Data to examine section start
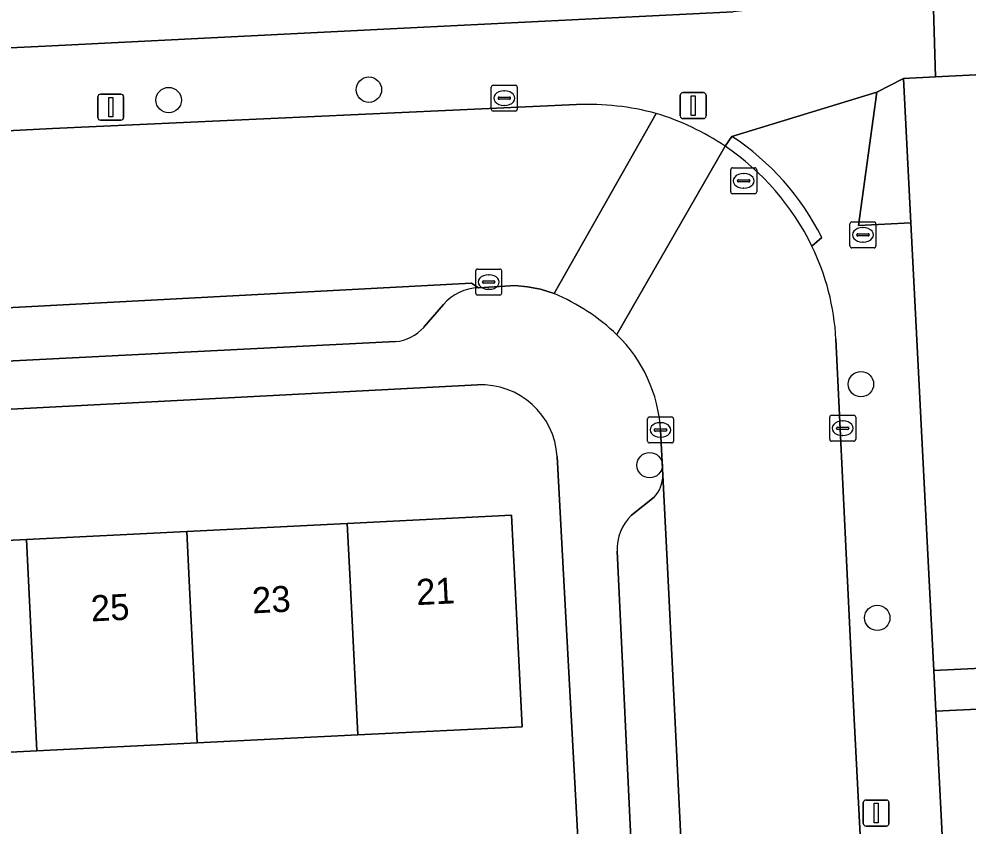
# Model space of a CAD drawing. Extents: x 161084 to 161928, y 385354 to 386522.
# Drawn here: x 161379.14 to 161415.72, y 385990.55 to 386021.64 of the extents above; entities that cross this region are included whole.
import ezdxf

# ---------------------------------------------------------------- set-up
doc = ezdxf.new("R2010")
doc.units = 0
for name, color, linetype in [('IMGEO_Boom', 7, 'Continuous'), ('IMGEO_Brandkraan', 7, 'Continuous'), ('IMGEO_Erf', 7, 'Continuous'), ('IMGEO_Kolk', 7, 'Continuous'), ('IMGEO_Lichtmast', 7, 'Continuous'), ('IMGEO_Muur', 7, 'Continuous'), ('IMGEO_Pand', 7, 'Continuous'), ('IMGEO_Pand_nummerreeks', 7, 'Continuous'), ('IMGEO_Parkeervlak_open', 7, 'Continuous'), ('IMGEO_Rijbaan_lokaal_open', 7, 'Continuous'), ('IMGEO_Rioolput', 7, 'Continuous'), ('IMGEO_Voetpad_open', 7, 'Continuous')]:
    doc.layers.add(name, color=color, linetype=linetype)

msp = doc.modelspace()

# ---------------------------------------------------------------- linework, layer by layer
at = {"layer": 'IMGEO_Boom'}
for centre in [(161392.627, 386018.914), (161384.91, 386018.513), (161411.592, 386007.57), (161403.448, 386004.449), (161412.221, 385998.565)]:
    msp.add_circle(centre, 0.489, dxfattribs=at)
at = {"layer": 'IMGEO_Brandkraan'}
for p, q in [((161411.243, 386013.821), (161412.095, 386013.821)), ((161411.168, 386012.895), (161411.168, 386013.747)), ((161411.656, 386013.601), (161411.681, 386013.601)), ((161412.169, 386013.747), (161412.169, 386012.895)), ((161411.427, 386013.315), (161411.427, 386013.327)), ((161411.865, 386013.278), (161411.467, 386013.278)), ((161411.47, 386013.364), (161411.868, 386013.364)), ((161411.679, 386013.041), (161411.654, 386013.041)), ((161411.911, 386013.327), (161411.911, 386013.315)), ((161412.095, 386012.821), (161411.243, 386012.821))]:
    msp.add_line(p, q, dxfattribs=at)
for points in [[(161411.243, 386013.821), (161412.095, 386013.821)], [(161411.168, 386012.895), (161411.168, 386013.747)], [(161412.169, 386013.747), (161412.169, 386012.895)], [(161412.095, 386012.821), (161411.243, 386012.821)]]:
    msp.add_lwpolyline(points, dxfattribs=at)
for centre, radius, start, end in [((161411.245, 386013.745), 0.0765, 91.552, 178.448), ((161411.245, 386013.745), 0.0765, 91.552, 178.448), ((161412.093, 386013.745), 0.0765, 1.552, 88.448), ((161412.093, 386013.745), 0.0765, 1.552, 88.448), ((161411.467, 386013.324), 0.0403, 85.8775, 175.7526), ((161411.464, 386013.314), 0.0366, 178.938, 274.7102), ((161411.868, 386013.321), 0.043, 264.8664, 352.4533), ((161411.872, 386013.326), 0.0386, 1.7309, 96.639), ((161411.245, 386012.897), 0.0765, 181.552, 268.448), ((161411.245, 386012.897), 0.0765, 181.552, 268.448), ((161412.093, 386012.897), 0.0765, 271.552, 358.448), ((161412.093, 386012.897), 0.0765, 271.552, 358.448)]:
    msp.add_arc(centre, radius, start, end, dxfattribs=at)
for centre, major_axis, ratio, start_param, end_param in [((161411.655, 386013.321), (-0.387, 0.002), 0.722429, 4.712389, 7.853982), ((161411.68, 386013.321), (-0.39, 0.002), 0.717154, 1.570796, 4.712389)]:
    msp.add_ellipse(centre, major_axis=major_axis, ratio=ratio, start_param=start_param, end_param=end_param, dxfattribs=at)
at = {"layer": 'IMGEO_Erf'}
for points in [[(161375.464, 386023.43), (161375.581, 386020.367), (161380.148, 386020.594), (161394.231, 386021.295), (161406.67, 386021.914)], [(161463.668, 386021.852), (161414.464, 386019.403), (161413.232, 386019.342), (161413.518, 386013.79), (161414.222, 386000), (161414.399, 385996.543), (161420.668, 385996.85)], [(161396.816, 386007.539), (161336.72, 386004.412)], [(161400.142, 386000), (161399.882, 386004.778)], [(161376.154, 385983.777), (161380.318, 385983.985), (161380.442, 385981.503), (161382.482, 385981.605), (161382.358, 385984.087), (161386.508, 385984.294), (161386.631, 385981.812), (161388.664, 385981.913), (161388.54, 385984.395), (161392.697, 385984.602), (161392.821, 385982.121), (161394.825, 385982.221), (161394.701, 385984.702), (161399.043, 385984.919), (161399.167, 385982.438), (161401.091, 385982.539), (161400.142, 386000)], [(161419.545, 385995.212), (161414.479, 385994.976), (161418.37, 385918.809)]]:
    msp.add_lwpolyline(points, dxfattribs=at)
msp.add_lwpolyline([(161373.649, 385993.129), (161367.467, 385992.82), (161361.284, 385992.512), (161355.102, 385992.203), (161348.92, 385991.895), (161342.737, 385991.586), (161336.399, 385991.27), (161335.992, 385999.419), (161342.33, 385999.735), (161347.634, 386000), (161348.513, 386000.044), (161354.695, 386000.352), (161360.877, 386000.661), (161367.06, 386000.969), (161373.242, 386001.278), (161379.424, 386001.587), (161385.606, 386001.895), (161391.789, 386002.204), (161398.129, 386002.52), (161398.255, 386000), (161398.536, 385994.371), (161392.196, 385994.055), (161386.013, 385993.746), (161379.831, 385993.438)], close=True, dxfattribs=at)
msp.add_arc((161396.963, 386004.62), 2.923, 3.1066, 92.886, dxfattribs=at)
at = {"layer": 'IMGEO_Kolk'}
for p, q in [((161397.345, 386018.161), (161397.345, 386019.013)), ((161397.42, 386019.087), (161398.272, 386019.087)), ((161398.346, 386019.013), (161398.346, 386018.161)), ((161397.604, 386018.581), (161397.604, 386018.593)), ((161398.042, 386018.544), (161397.644, 386018.544)), ((161397.647, 386018.63), (161398.045, 386018.63)), ((161397.833, 386018.867), (161397.858, 386018.867)), ((161398.088, 386018.593), (161398.088, 386018.581)), ((161397.856, 386018.307), (161397.831, 386018.307)), ((161398.272, 386018.087), (161397.42, 386018.087)), ((161396.818, 386012.003), (161397.67, 386012.003)), ((161396.743, 386011.077), (161396.743, 386011.929)), ((161397.231, 386011.783), (161397.256, 386011.783)), ((161397.744, 386011.929), (161397.744, 386011.077)), ((161397.002, 386011.497), (161397.002, 386011.509)), ((161397.44, 386011.46), (161397.042, 386011.46)), ((161397.045, 386011.546), (161397.443, 386011.546)), ((161397.254, 386011.223), (161397.229, 386011.223)), ((161397.486, 386011.509), (161397.486, 386011.497)), ((161397.67, 386011.003), (161396.818, 386011.003)), ((161403.368, 386005.379), (161403.368, 386006.231)), ((161403.443, 386006.305), (161404.295, 386006.305)), ((161404.369, 386006.231), (161404.369, 386005.379)), ((161410.388, 386005.445), (161410.388, 386006.297)), ((161410.463, 386006.371), (161411.315, 386006.371)), ((161410.876, 386006.151), (161410.901, 386006.151)), ((161411.389, 386006.297), (161411.389, 386005.445)), ((161403.627, 386005.799), (161403.627, 386005.811)), ((161404.065, 386005.762), (161403.667, 386005.762)), ((161403.67, 386005.848), (161404.068, 386005.848)), ((161403.856, 386006.085), (161403.881, 386006.085)), ((161404.111, 386005.811), (161404.111, 386005.799)), ((161410.647, 386005.865), (161410.647, 386005.877)), ((161411.085, 386005.828), (161410.687, 386005.828)), ((161410.69, 386005.914), (161411.088, 386005.914)), ((161411.131, 386005.877), (161411.131, 386005.865)), ((161403.879, 386005.525), (161403.854, 386005.525)), ((161411.315, 386005.371), (161410.463, 386005.371)), ((161410.899, 386005.591), (161410.874, 386005.591)), ((161404.295, 386005.305), (161403.443, 386005.305))]:
    msp.add_line(p, q, dxfattribs=at)
for points in [[(161397.345, 386018.161), (161397.345, 386019.013)], [(161397.42, 386019.087), (161398.272, 386019.087)], [(161398.346, 386019.013), (161398.346, 386018.161)], [(161398.272, 386018.087), (161397.42, 386018.087)], [(161396.818, 386012.003), (161397.67, 386012.003)], [(161396.743, 386011.077), (161396.743, 386011.929)], [(161397.744, 386011.929), (161397.744, 386011.077)], [(161397.67, 386011.003), (161396.818, 386011.003)], [(161403.368, 386005.379), (161403.368, 386006.231)], [(161403.443, 386006.305), (161404.295, 386006.305)], [(161404.369, 386006.231), (161404.369, 386005.379)], [(161410.388, 386005.445), (161410.388, 386006.297)], [(161410.463, 386006.371), (161411.315, 386006.371)], [(161411.389, 386006.297), (161411.389, 386005.445)], [(161411.315, 386005.371), (161410.463, 386005.371)], [(161404.295, 386005.305), (161403.443, 386005.305)]]:
    msp.add_lwpolyline(points, dxfattribs=at)
for centre, radius, start, end in [((161397.422, 386019.011), 0.0765, 91.552, 178.448), ((161397.422, 386019.011), 0.0765, 91.552, 178.448), ((161398.27, 386019.011), 0.0765, 1.552, 88.448), ((161398.27, 386019.011), 0.0765, 1.552, 88.448), ((161397.644, 386018.59), 0.0403, 85.8775, 175.7526), ((161397.641, 386018.58), 0.0366, 178.938, 274.7102), ((161398.045, 386018.587), 0.043, 264.8664, 352.4533), ((161398.049, 386018.592), 0.0386, 1.7309, 96.639), ((161397.422, 386018.163), 0.0765, 181.552, 268.448), ((161397.422, 386018.163), 0.0765, 181.552, 268.448), ((161398.27, 386018.163), 0.0765, 271.552, 358.448), ((161398.27, 386018.163), 0.0765, 271.552, 358.448), ((161396.82, 386011.927), 0.0765, 91.552, 178.448), ((161396.82, 386011.927), 0.0765, 91.552, 178.448), ((161397.668, 386011.927), 0.0765, 1.552, 88.448), ((161397.668, 386011.927), 0.0765, 1.552, 88.448), ((161397.042, 386011.506), 0.0403, 85.8775, 175.7526), ((161397.039, 386011.496), 0.0366, 178.938, 274.7102), ((161397.443, 386011.503), 0.043, 264.8664, 352.4533), ((161397.447, 386011.508), 0.0386, 1.7309, 96.639), ((161396.82, 386011.079), 0.0765, 181.552, 268.448), ((161396.82, 386011.079), 0.0765, 181.552, 268.448), ((161397.668, 386011.079), 0.0765, 271.552, 358.448), ((161397.668, 386011.079), 0.0765, 271.552, 358.448), ((161403.445, 386006.229), 0.0765, 91.552, 178.448), ((161403.445, 386006.229), 0.0765, 91.552, 178.448), ((161404.293, 386006.229), 0.0765, 1.552, 88.448), ((161404.293, 386006.229), 0.0765, 1.552, 88.448), ((161410.465, 386006.295), 0.0765, 91.552, 178.448), ((161410.465, 386006.295), 0.0765, 91.552, 178.448), ((161411.313, 386006.295), 0.0765, 1.552, 88.448), ((161411.313, 386006.295), 0.0765, 1.552, 88.448), ((161403.667, 386005.808), 0.0403, 85.8775, 175.7526), ((161403.664, 386005.798), 0.0366, 178.938, 274.7102), ((161404.068, 386005.805), 0.043, 264.8664, 352.4533), ((161404.072, 386005.81), 0.0386, 1.7309, 96.639), ((161410.687, 386005.874), 0.0403, 85.8775, 175.7526), ((161410.684, 386005.864), 0.0366, 178.938, 274.7102), ((161411.088, 386005.871), 0.043, 264.8664, 352.4533), ((161411.092, 386005.876), 0.0386, 1.7309, 96.639), ((161403.445, 386005.381), 0.0765, 181.552, 268.448), ((161403.445, 386005.381), 0.0765, 181.552, 268.448), ((161404.293, 386005.381), 0.0765, 271.552, 358.448), ((161404.293, 386005.381), 0.0765, 271.552, 358.448), ((161410.465, 386005.447), 0.0765, 181.552, 268.448), ((161410.465, 386005.447), 0.0765, 181.552, 268.448), ((161411.313, 386005.447), 0.0765, 271.552, 358.448), ((161411.313, 386005.447), 0.0765, 271.552, 358.448)]:
    msp.add_arc(centre, radius, start, end, dxfattribs=at)
for centre, major_axis, ratio, start_param, end_param in [((161397.832, 386018.587), (-0.387, 0.002), 0.722429, 4.712389, 7.853982), ((161397.857, 386018.587), (-0.39, 0.002), 0.717154, 1.570796, 4.712389), ((161397.23, 386011.503), (-0.387, 0.002), 0.722429, 4.712389, 7.853982), ((161397.255, 386011.503), (-0.39, 0.002), 0.717154, 1.570796, 4.712389), ((161410.875, 386005.871), (-0.387, 0.002), 0.722429, 4.712389, 7.853982), ((161410.9, 386005.871), (-0.39, 0.002), 0.717154, 1.570796, 4.712389), ((161403.855, 386005.805), (-0.387, 0.002), 0.722429, 4.712389, 7.853982), ((161403.88, 386005.805), (-0.39, 0.002), 0.717154, 1.570796, 4.712389)]:
    msp.add_ellipse(centre, major_axis=major_axis, ratio=ratio, start_param=start_param, end_param=end_param, dxfattribs=at)
at = {"layer": 'IMGEO_Lichtmast'}
for p, q in [((161382.181, 386017.842), (161382.181, 386018.642)), ((161382.181, 386018.642), (161382.181, 386017.842)), ((161382.281, 386018.742), (161383.071, 386018.742)), ((161383.071, 386018.742), (161382.281, 386018.742)), ((161383.171, 386018.642), (161383.171, 386017.842)), ((161383.171, 386017.842), (161383.171, 386018.642)), ((161404.63, 386017.9), (161404.63, 386018.7)), ((161404.63, 386018.7), (161404.63, 386017.9)), ((161404.73, 386018.8), (161405.52, 386018.8)), ((161405.52, 386018.8), (161404.73, 386018.8)), ((161405.62, 386018.7), (161405.62, 386017.9)), ((161405.62, 386017.9), (161405.62, 386018.7)), ((161405.52, 386017.8), (161404.73, 386017.8)), ((161404.73, 386017.8), (161405.52, 386017.8)), ((161383.071, 386017.742), (161382.281, 386017.742)), ((161382.281, 386017.742), (161383.071, 386017.742)), ((161411.782, 385991.547), (161412.572, 385991.547)), ((161412.572, 385991.547), (161411.782, 385991.547)), ((161411.682, 385990.647), (161411.682, 385991.447)), ((161411.682, 385991.447), (161411.682, 385990.647)), ((161412.672, 385991.447), (161412.672, 385990.647)), ((161412.672, 385990.647), (161412.672, 385991.447)), ((161412.572, 385990.547), (161411.782, 385990.547)), ((161411.782, 385990.547), (161412.572, 385990.547))]:
    msp.add_line(p, q, dxfattribs=at)
for points in [[(161382.601, 386018.617), (161382.751, 386018.617), (161382.751, 386017.867), (161382.601, 386017.867), (161382.601, 386018.617)], [(161405.05, 386018.675), (161405.2, 386018.675), (161405.2, 386017.925), (161405.05, 386017.925), (161405.05, 386018.675)], [(161412.102, 385991.422), (161412.252, 385991.422), (161412.252, 385990.672), (161412.102, 385990.672), (161412.102, 385991.422)]]:
    msp.add_lwpolyline(points, dxfattribs=at)
for centre, start, end in [((161382.281, 386018.642), 90, 180), ((161382.281, 386018.642), 90, 180), ((161383.071, 386018.642), 0, 90), ((161383.071, 386018.642), 360, 90), ((161404.73, 386018.7), 90, 180), ((161404.73, 386018.7), 90, 180), ((161405.52, 386018.7), 0, 90), ((161405.52, 386018.7), 360, 90), ((161382.281, 386017.842), 180, 270), ((161382.281, 386017.842), 180, 270), ((161383.071, 386017.842), 270, 0), ((161383.071, 386017.842), 270, 0), ((161404.73, 386017.9), 180, 270), ((161404.73, 386017.9), 180, 270), ((161405.52, 386017.9), 270, 0), ((161405.52, 386017.9), 270, 0), ((161411.782, 385991.447), 90, 180), ((161411.782, 385991.447), 90, 180), ((161412.572, 385991.447), 0, 90), ((161412.572, 385991.447), 360, 90), ((161411.782, 385990.647), 180, 270), ((161411.782, 385990.647), 180, 270), ((161412.572, 385990.647), 270, 0), ((161412.572, 385990.647), 270, 0)]:
    msp.add_arc(centre, 0.1, start, end, dxfattribs=at)
at = {"layer": 'IMGEO_Muur'}
msp.add_lwpolyline([(161380.148, 386020.594), (161394.231, 386021.295)], dxfattribs=at)
at = {"layer": 'IMGEO_Pand'}
for points in [[(161391.899, 386000), (161392.196, 385994.055), (161398.536, 385994.371), (161398.255, 386000), (161398.129, 386002.52), (161391.789, 386002.204)], [(161391.789, 386002.204), (161385.606, 386001.895), (161385.701, 386000), (161386.013, 385993.746), (161392.196, 385994.055), (161391.899, 386000)], [(161385.701, 386000), (161385.606, 386001.895), (161379.424, 386001.587), (161379.503, 386000), (161379.831, 385993.438), (161386.013, 385993.746)], [(161379.424, 386001.587), (161373.242, 386001.278), (161373.306, 386000), (161373.649, 385993.129), (161379.831, 385993.438), (161379.503, 386000)]]:
    msp.add_lwpolyline(points, close=True, dxfattribs=at)
at = {"layer": 'IMGEO_Parkeervlak_open'}
for points in [[(161396.852, 386011.279), (161396.576, 386011.465), (161336.291, 386008.264)], [(161394.739, 386009.759), (161395.502, 386010.64)], [(161339.524, 386006.477), (161393.649, 386009.211)], [(161404.156, 386000), (161403.956, 386004.062)], [(161403.618, 386003.219), (161402.75, 386002.527)], [(161402.197, 386001.138), (161402.8, 385988.445), (161403.005, 385984.739), (161403.237, 385980.657)], [(161405.253, 385977.812), (161404.156, 386000)]]:
    msp.add_lwpolyline(points, dxfattribs=at)
for centre, radius, start, end in [((161396.888, 386009.458), 1.821, 91.1203, 139.5392), ((161393.533, 386010.799), 1.593, 274.1714, 319.2107), ((161402.755, 386004.054), 1.201, 315.9423, 0.3612), ((161403.989, 386001.229), 1.794, 133.6694, 182.9128)]:
    msp.add_arc(centre, radius, start, end, dxfattribs=at)
at = {"layer": 'IMGEO_Rijbaan_lokaal_open'}
for points in [[(161400.629, 386018.338), (161380.437, 386017.413), (161376.663, 386017.232), (161334.905, 386015.164), (161334.504, 386015.176), (161333.99, 386015.181), (161333.561, 386015.243), (161333.109, 386015.379), (161332.544, 386015.599), (161332.064, 386015.831), (161331.634, 386016.08), (161331.218, 386016.4)], [(161335.726, 386008.23), (161336.291, 386008.264), (161396.576, 386011.465), (161396.852, 386011.279), (161398.259, 386011.369), (161398.745, 386011.324), (161399.237, 386011.228), (161399.773, 386011.058), (161403.702, 386017.999)], [(161403.702, 386017.999), (161399.773, 386011.058)], [(161406.357, 386016.734), (161402.186, 386009.476)], [(161402.186, 386009.476), (161406.357, 386016.734)], [(161411.335, 385994.667), (161410.629, 386009.305)], [(161403.87, 386005.802), (161403.956, 386004.062), (161404.156, 386000), (161405.253, 385977.812), (161405.49, 385974.198), (161407.759, 385930.285), (161407.981, 385925.991)], [(161414.906, 385925.074), (161413.505, 385952.859), (161413.296, 385956.735), (161411.335, 385994.667)]]:
    msp.add_lwpolyline(points, dxfattribs=at)
for centre, radius, start, end in [((161401.053, 386008.081), 10.266, 75.0446, 92.3651), ((161400.859, 386008.614), 9.806, 55.8997, 73.1485), ((161400.848, 386008.564), 9.854, 26.0357, 56.0083), ((161401.317, 386008.808), 9.325, 3.0532, 25.9502), ((161396.598, 386003.584), 8.12, 46.5167, 66.9844), ((161398.276, 386005.461), 5.604, 3.4878, 45.7615)]:
    msp.add_arc(centre, radius, start, end, dxfattribs=at)
at = {"layer": 'IMGEO_Rioolput'}
for p, q in [((161406.572, 386014.977), (161406.572, 386015.829)), ((161406.647, 386015.903), (161407.499, 386015.903)), ((161407.06, 386015.683), (161407.085, 386015.683)), ((161407.573, 386015.829), (161407.573, 386014.977)), ((161406.831, 386015.397), (161406.831, 386015.409)), ((161407.269, 386015.36), (161406.871, 386015.36)), ((161406.874, 386015.446), (161407.272, 386015.446)), ((161407.315, 386015.409), (161407.315, 386015.397)), ((161407.499, 386014.903), (161406.647, 386014.903)), ((161407.083, 386015.123), (161407.058, 386015.123))]:
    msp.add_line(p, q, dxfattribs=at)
Data to examine section end
-- Directions for this task --
Give only the number of lines in the records that contain the string "linetype".

-- Response --
2